• RECORDS FOR THE EXERCISE:
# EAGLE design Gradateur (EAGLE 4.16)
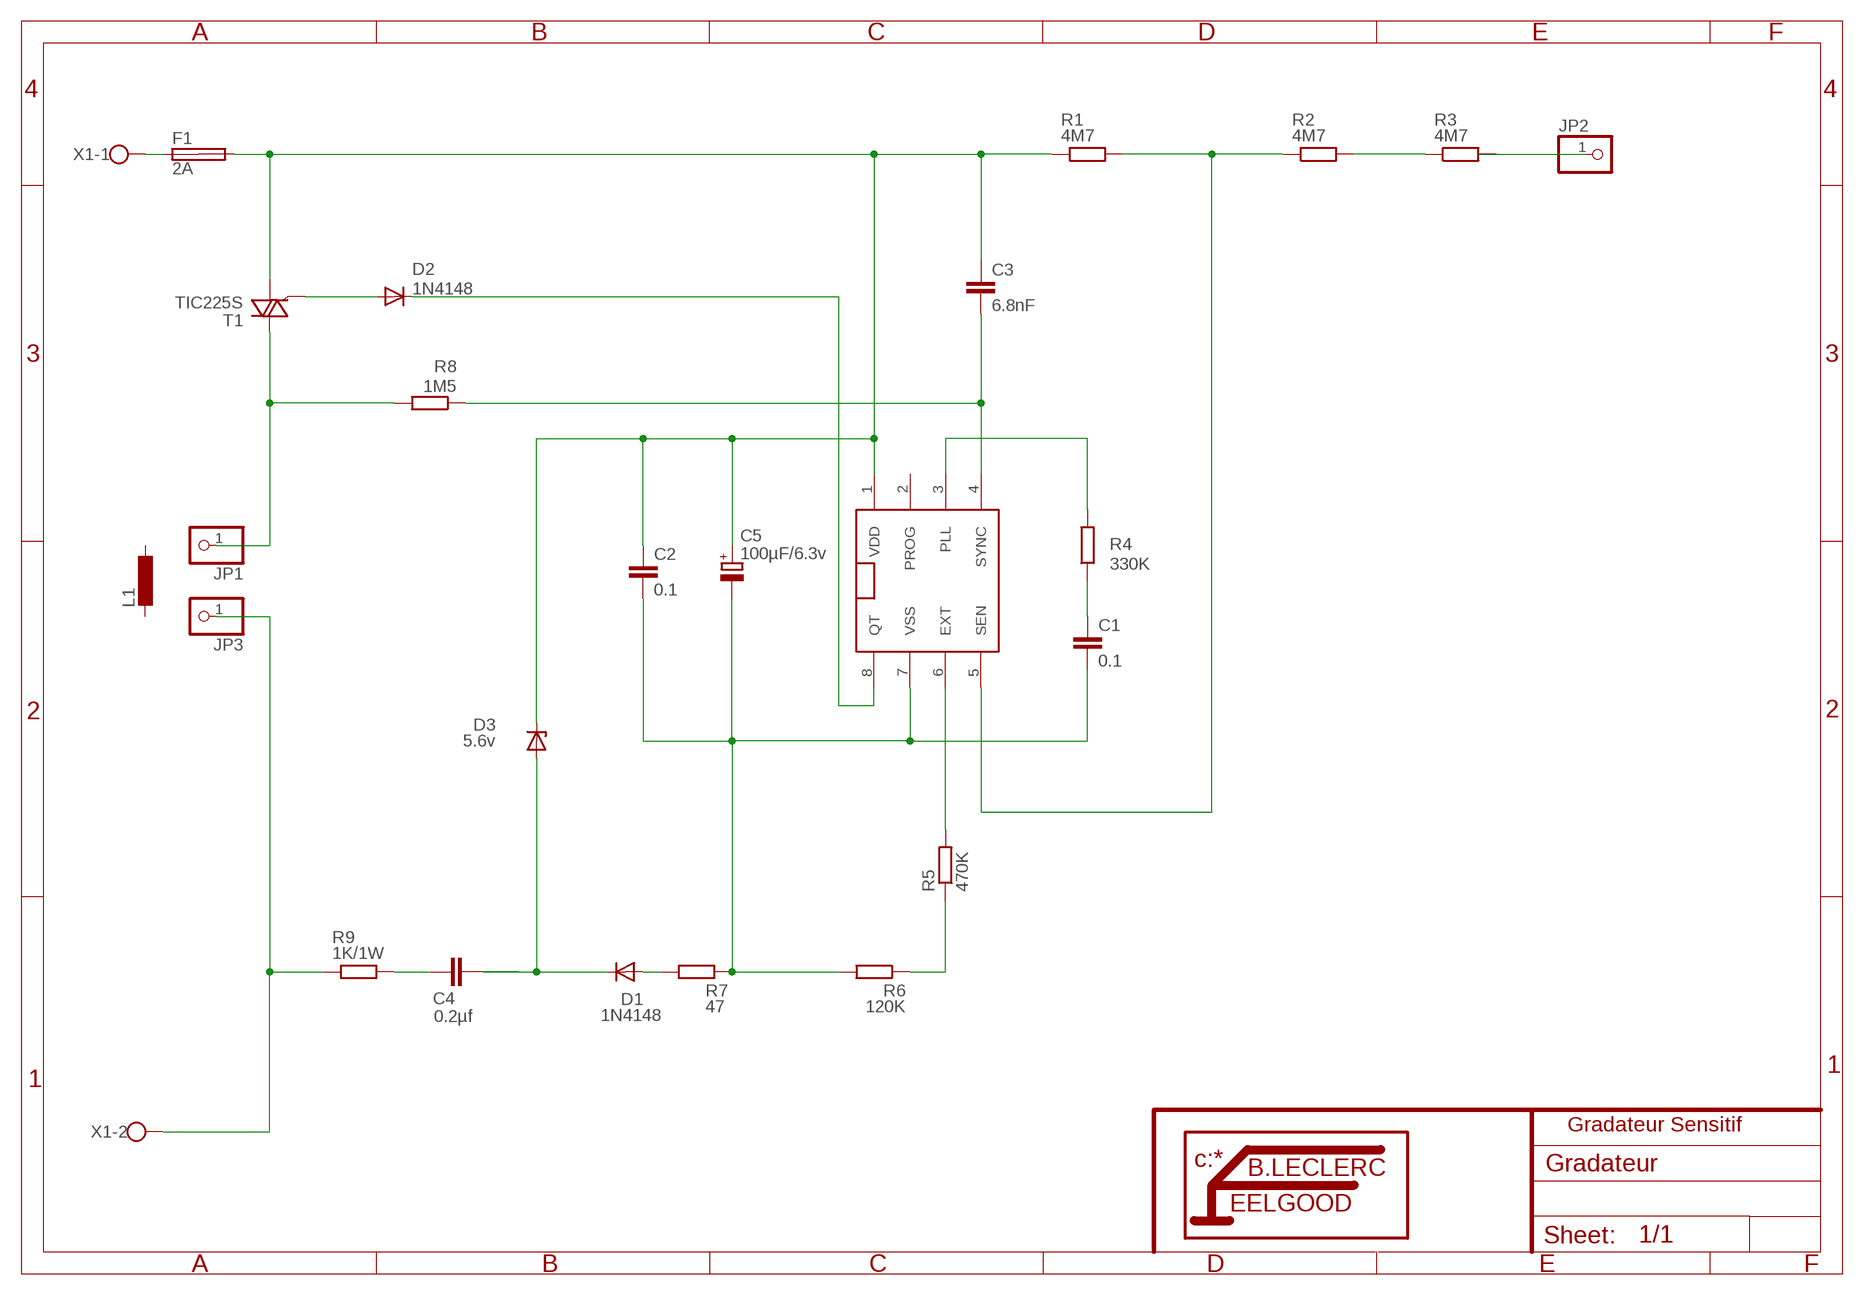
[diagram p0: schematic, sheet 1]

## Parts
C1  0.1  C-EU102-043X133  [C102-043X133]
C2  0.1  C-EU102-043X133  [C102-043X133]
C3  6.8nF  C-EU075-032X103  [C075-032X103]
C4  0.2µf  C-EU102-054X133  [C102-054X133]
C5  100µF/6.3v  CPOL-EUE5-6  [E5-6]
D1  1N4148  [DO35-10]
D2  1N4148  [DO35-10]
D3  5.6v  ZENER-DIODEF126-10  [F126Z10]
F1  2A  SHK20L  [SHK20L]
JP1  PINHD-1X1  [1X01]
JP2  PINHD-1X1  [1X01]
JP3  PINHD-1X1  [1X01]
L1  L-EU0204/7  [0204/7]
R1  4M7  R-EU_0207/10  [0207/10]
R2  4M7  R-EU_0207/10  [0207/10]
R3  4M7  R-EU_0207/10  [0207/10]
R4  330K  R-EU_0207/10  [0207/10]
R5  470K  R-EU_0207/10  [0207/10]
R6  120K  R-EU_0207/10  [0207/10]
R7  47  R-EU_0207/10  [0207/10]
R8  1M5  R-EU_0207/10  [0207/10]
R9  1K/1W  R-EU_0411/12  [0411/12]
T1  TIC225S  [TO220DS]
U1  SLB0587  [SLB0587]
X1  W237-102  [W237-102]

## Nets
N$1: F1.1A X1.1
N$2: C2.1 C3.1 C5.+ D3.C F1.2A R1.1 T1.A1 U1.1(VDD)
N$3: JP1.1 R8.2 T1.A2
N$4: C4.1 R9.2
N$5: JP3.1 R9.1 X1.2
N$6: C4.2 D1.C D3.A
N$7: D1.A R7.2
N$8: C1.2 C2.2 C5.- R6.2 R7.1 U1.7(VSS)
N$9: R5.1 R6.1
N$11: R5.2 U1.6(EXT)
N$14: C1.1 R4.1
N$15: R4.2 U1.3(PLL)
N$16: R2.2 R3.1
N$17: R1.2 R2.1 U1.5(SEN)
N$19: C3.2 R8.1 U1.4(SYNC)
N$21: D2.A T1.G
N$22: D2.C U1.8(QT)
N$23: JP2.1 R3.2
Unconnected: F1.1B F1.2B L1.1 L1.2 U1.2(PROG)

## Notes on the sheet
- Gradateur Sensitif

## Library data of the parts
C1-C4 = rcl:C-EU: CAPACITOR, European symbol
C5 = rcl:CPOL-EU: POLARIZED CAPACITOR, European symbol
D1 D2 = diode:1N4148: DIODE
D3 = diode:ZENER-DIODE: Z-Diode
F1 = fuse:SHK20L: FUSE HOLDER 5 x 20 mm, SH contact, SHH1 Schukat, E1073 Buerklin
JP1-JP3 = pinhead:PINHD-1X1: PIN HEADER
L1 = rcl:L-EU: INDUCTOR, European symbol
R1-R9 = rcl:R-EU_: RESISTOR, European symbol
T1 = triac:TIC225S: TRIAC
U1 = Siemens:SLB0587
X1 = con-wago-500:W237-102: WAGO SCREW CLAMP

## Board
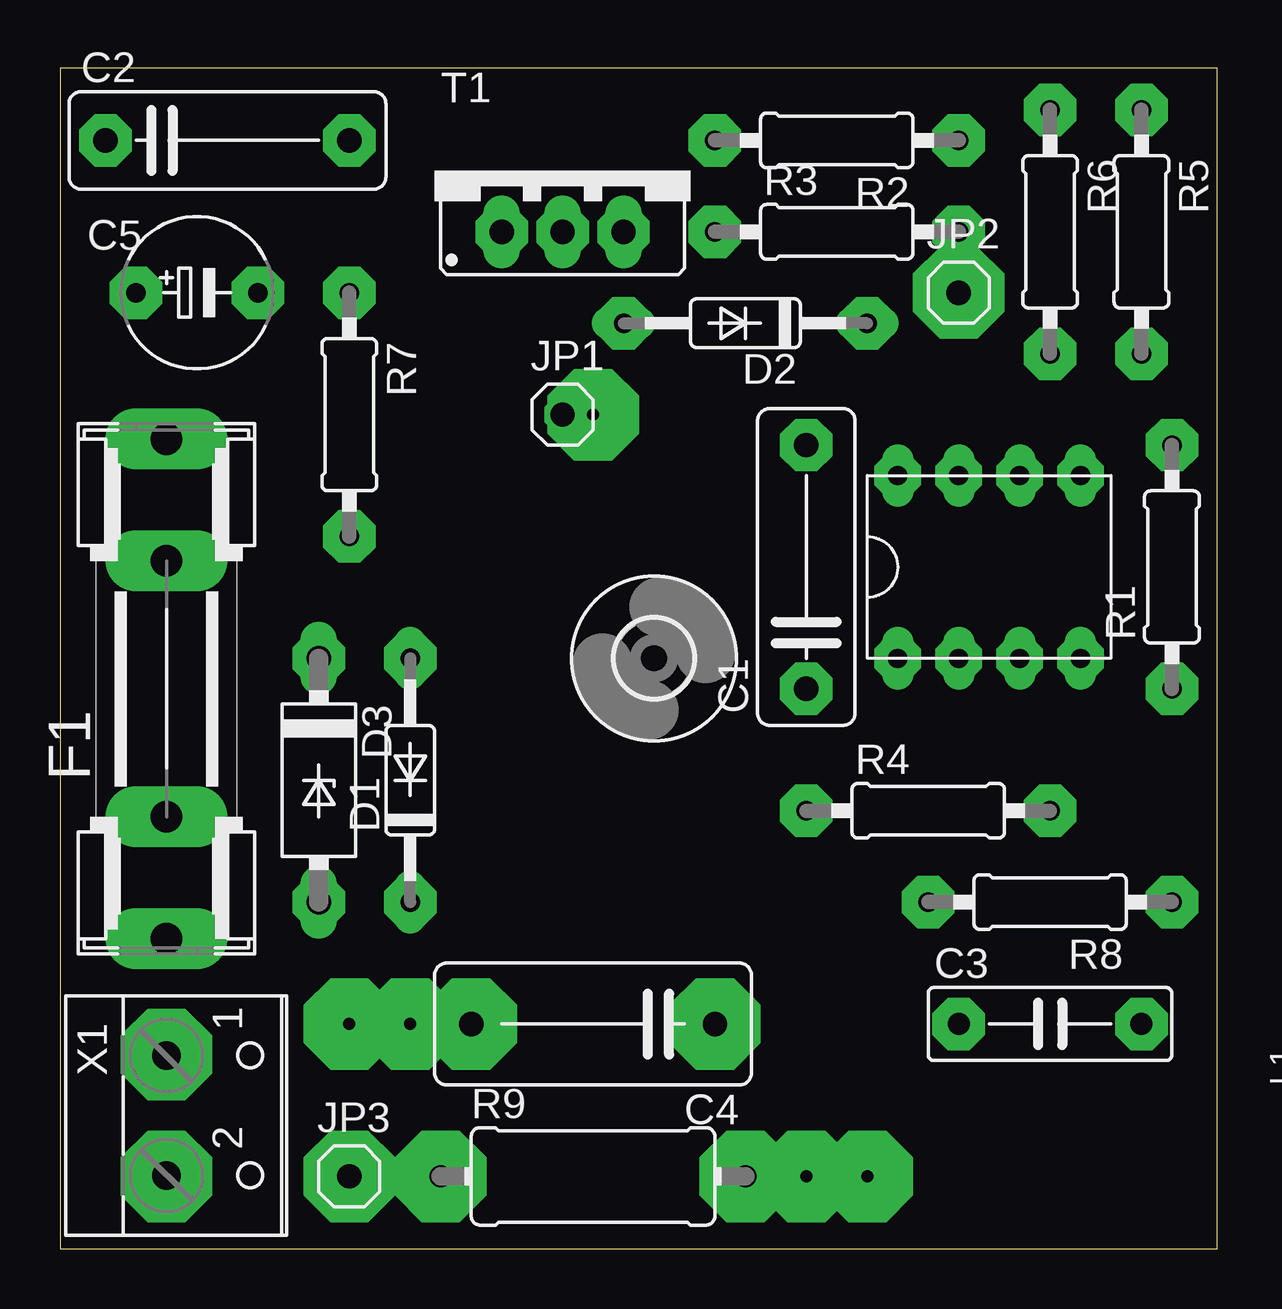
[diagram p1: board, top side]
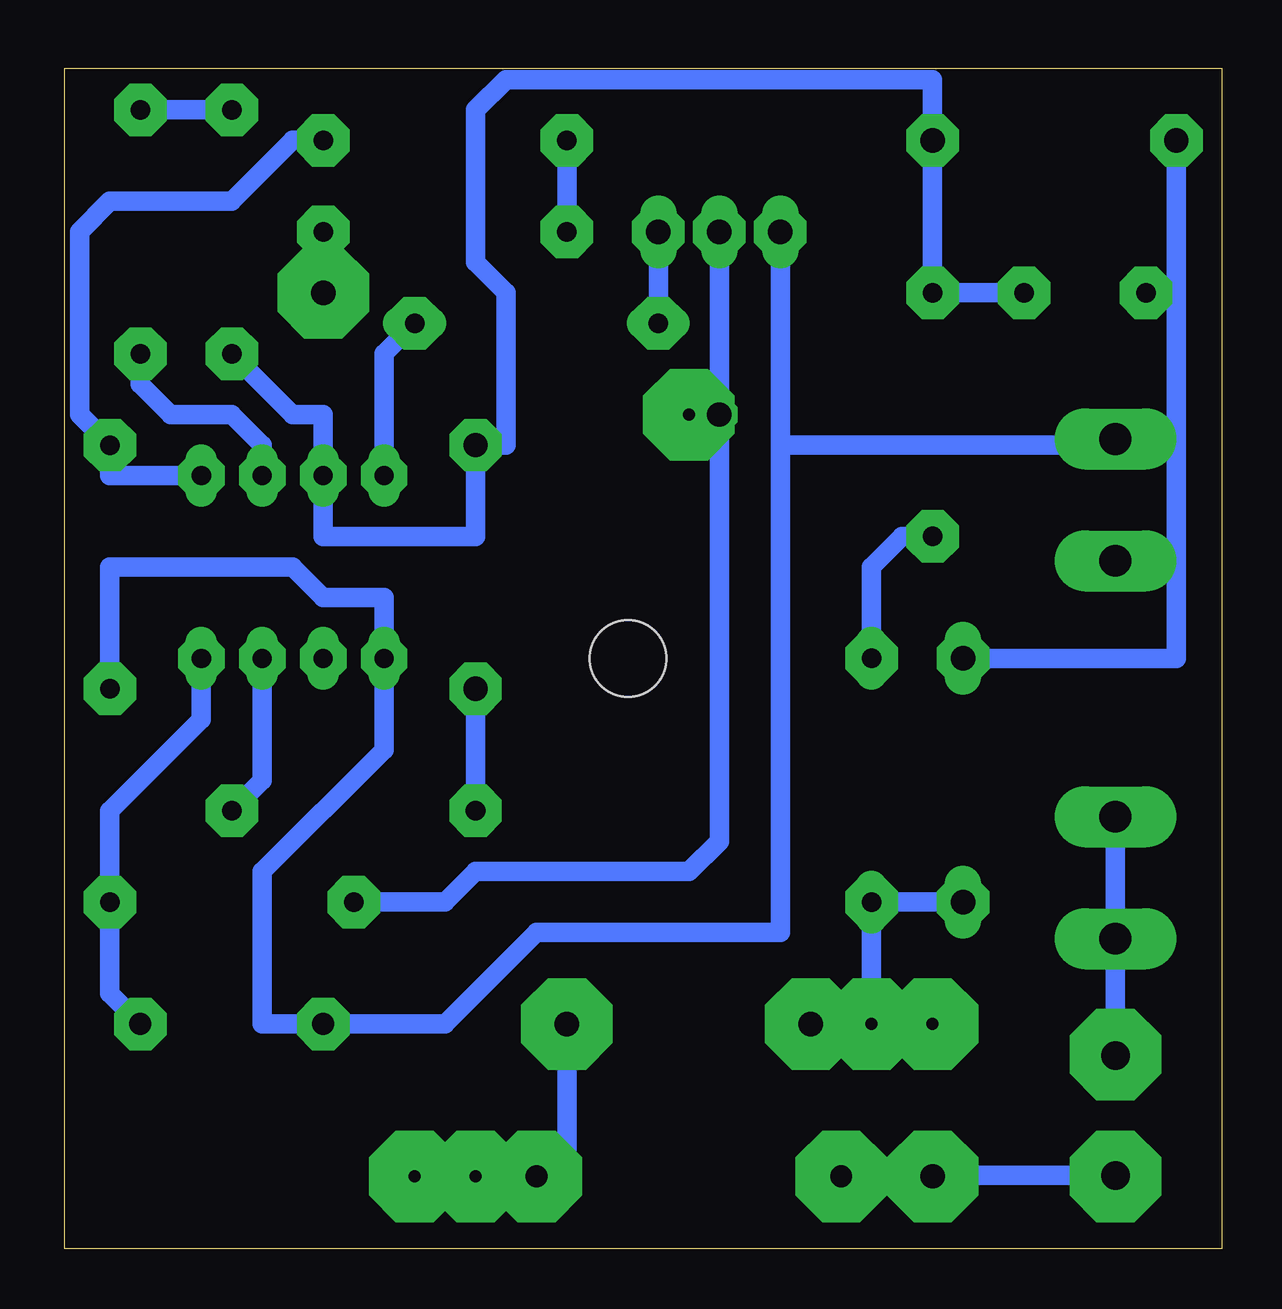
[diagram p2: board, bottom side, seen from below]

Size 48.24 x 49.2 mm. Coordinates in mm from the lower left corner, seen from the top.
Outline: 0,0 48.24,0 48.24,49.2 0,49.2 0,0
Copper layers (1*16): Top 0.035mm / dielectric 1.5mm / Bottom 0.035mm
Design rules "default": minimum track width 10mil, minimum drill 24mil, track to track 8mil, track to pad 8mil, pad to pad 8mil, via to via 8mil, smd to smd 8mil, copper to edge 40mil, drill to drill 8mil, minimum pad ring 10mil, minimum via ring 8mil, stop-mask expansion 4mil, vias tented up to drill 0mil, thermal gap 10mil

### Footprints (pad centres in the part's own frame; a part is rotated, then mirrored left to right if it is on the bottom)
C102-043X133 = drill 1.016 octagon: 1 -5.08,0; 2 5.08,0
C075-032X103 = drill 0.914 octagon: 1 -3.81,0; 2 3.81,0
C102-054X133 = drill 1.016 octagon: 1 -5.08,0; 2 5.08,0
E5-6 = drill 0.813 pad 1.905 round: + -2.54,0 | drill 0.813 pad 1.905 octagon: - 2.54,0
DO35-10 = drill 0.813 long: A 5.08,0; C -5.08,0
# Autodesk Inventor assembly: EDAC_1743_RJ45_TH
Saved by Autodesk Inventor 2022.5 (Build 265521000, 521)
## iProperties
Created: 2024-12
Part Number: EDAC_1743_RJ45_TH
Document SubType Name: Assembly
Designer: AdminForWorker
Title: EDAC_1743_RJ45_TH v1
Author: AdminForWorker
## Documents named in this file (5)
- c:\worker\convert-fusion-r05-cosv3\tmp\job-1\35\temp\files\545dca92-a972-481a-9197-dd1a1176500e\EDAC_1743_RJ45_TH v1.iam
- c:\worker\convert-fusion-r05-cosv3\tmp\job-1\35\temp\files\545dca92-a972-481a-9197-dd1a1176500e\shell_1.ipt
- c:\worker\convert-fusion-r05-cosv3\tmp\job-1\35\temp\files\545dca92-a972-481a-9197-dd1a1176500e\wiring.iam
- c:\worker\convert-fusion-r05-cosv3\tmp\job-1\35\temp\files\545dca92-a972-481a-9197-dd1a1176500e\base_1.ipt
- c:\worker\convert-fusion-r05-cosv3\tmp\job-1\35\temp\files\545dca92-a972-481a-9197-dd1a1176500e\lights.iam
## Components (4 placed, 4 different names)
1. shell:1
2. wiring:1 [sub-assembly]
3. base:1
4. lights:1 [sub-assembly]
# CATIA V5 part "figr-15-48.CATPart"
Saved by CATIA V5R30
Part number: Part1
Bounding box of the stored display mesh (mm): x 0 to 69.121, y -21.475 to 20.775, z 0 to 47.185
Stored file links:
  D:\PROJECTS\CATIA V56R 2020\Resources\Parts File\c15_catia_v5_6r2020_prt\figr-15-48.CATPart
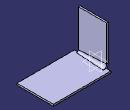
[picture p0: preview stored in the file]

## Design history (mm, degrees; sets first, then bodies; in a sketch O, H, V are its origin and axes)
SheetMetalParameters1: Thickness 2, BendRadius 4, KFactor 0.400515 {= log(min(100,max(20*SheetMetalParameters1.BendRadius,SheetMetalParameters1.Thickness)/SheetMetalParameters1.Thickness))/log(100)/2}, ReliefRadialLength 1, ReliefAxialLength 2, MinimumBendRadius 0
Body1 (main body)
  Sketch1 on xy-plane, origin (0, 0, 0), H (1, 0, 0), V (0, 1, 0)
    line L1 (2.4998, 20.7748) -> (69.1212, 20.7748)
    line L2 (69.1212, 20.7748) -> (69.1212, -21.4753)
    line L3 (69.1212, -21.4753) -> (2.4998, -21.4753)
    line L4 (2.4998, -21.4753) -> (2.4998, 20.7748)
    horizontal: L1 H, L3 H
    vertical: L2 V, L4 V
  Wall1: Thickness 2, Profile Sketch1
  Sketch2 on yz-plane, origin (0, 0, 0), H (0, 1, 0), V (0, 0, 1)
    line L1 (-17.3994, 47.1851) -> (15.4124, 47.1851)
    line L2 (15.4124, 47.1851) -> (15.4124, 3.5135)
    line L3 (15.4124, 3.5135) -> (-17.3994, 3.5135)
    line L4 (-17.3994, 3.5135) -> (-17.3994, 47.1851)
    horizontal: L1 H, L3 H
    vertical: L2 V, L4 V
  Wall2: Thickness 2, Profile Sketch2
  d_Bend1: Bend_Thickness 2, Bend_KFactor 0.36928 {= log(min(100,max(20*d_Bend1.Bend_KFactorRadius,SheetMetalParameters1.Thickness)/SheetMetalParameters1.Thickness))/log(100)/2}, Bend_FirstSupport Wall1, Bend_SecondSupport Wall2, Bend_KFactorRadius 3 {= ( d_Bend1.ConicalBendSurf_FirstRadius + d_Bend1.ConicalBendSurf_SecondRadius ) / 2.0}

• WORK TASK: Show all lines above holding "Autodesk".

• SOLUTION TO THIS EXERCISE:
# Autodesk Inventor assembly: EDAC_1743_RJ45_TH
Saved by Autodesk Inventor 2022.5 (Build 265521000, 521)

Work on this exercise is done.